··· MATERIAL SUPPLIED ···
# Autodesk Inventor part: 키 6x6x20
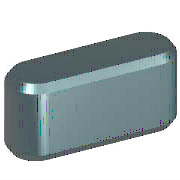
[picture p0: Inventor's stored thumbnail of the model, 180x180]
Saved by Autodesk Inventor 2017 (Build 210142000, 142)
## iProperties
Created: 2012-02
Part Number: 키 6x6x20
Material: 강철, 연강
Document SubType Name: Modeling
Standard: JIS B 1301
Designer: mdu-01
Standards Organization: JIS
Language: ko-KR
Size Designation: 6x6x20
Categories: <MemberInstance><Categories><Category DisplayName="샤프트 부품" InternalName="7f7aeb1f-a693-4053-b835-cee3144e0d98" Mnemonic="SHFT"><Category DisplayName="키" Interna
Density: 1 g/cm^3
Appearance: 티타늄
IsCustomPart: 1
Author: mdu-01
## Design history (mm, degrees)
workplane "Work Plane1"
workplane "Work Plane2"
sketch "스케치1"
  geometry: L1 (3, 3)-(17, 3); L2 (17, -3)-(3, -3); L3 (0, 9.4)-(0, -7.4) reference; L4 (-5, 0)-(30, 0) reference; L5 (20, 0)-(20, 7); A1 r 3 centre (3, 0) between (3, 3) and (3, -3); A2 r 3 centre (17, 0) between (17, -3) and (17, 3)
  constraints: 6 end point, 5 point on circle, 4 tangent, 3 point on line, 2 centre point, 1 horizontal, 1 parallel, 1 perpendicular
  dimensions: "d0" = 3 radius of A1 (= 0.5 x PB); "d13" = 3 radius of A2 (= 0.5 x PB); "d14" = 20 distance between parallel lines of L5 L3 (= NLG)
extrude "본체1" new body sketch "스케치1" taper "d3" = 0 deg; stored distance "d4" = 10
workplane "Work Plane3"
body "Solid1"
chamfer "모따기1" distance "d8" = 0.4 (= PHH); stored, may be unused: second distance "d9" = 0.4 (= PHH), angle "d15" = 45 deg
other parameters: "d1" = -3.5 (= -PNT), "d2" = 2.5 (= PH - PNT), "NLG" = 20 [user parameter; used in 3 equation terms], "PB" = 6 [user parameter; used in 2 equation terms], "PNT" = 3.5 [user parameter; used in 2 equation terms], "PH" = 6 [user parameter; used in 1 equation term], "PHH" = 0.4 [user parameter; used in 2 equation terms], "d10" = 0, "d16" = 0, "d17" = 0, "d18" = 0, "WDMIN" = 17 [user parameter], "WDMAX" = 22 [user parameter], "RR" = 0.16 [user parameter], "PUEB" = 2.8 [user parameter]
···
**THE PROBLEM:** Output each line above exactly. Skip the images.

**SOLUTION TO THE PROBLEM:**
# Autodesk Inventor part: 키 6x6x20
[picture p0: Inventor's stored thumbnail of the model, 180x180]
Saved by Autodesk Inventor 2017 (Build 210142000, 142)
## iProperties
Created: 2012-02
Part Number: 키 6x6x20
Material: 강철, 연강
Document SubType Name: Modeling
Standard: JIS B 1301
Designer: mdu-01
Standards Organization: JIS
Language: ko-KR
Size Designation: 6x6x20
Categories: <MemberInstance><Categories><Category DisplayName="샤프트 부품" InternalName="7f7aeb1f-a693-4053-b835-cee3144e0d98" Mnemonic="SHFT"><Category DisplayName="키" Interna
Density: 1 g/cm^3
Appearance: 티타늄
IsCustomPart: 1
Author: mdu-01
## Design history (mm, degrees)
workplane "Work Plane1"
workplane "Work Plane2"
sketch "스케치1"
  geometry: L1 (3, 3)-(17, 3); L2 (17, -3)-(3, -3); L3 (0, 9.4)-(0, -7.4) reference; L4 (-5, 0)-(30, 0) reference; L5 (20, 0)-(20, 7); A1 r 3 centre (3, 0) between (3, 3) and (3, -3); A2 r 3 centre (17, 0) between (17, -3) and (17, 3)
  constraints: 6 end point, 5 point on circle, 4 tangent, 3 point on line, 2 centre point, 1 horizontal, 1 parallel, 1 perpendicular
  dimensions: "d0" = 3 radius of A1 (= 0.5 x PB); "d13" = 3 radius of A2 (= 0.5 x PB); "d14" = 20 distance between parallel lines of L5 L3 (= NLG)
extrude "본체1" new body sketch "스케치1" taper "d3" = 0 deg; stored distance "d4" = 10
workplane "Work Plane3"
body "Solid1"
chamfer "모따기1" distance "d8" = 0.4 (= PHH); stored, may be unused: second distance "d9" = 0.4 (= PHH), angle "d15" = 45 deg
other parameters: "d1" = -3.5 (= -PNT), "d2" = 2.5 (= PH - PNT), "NLG" = 20 [user parameter; used in 3 equation terms], "PB" = 6 [user parameter; used in 2 equation terms], "PNT" = 3.5 [user parameter; used in 2 equation terms], "PH" = 6 [user parameter; used in 1 equation term], "PHH" = 0.4 [user parameter; used in 2 equation terms], "d10" = 0, "d16" = 0, "d17" = 0, "d18" = 0, "WDMIN" = 17 [user parameter], "WDMAX" = 22 [user parameter], "RR" = 0.16 [user parameter], "PUEB" = 2.8 [user parameter]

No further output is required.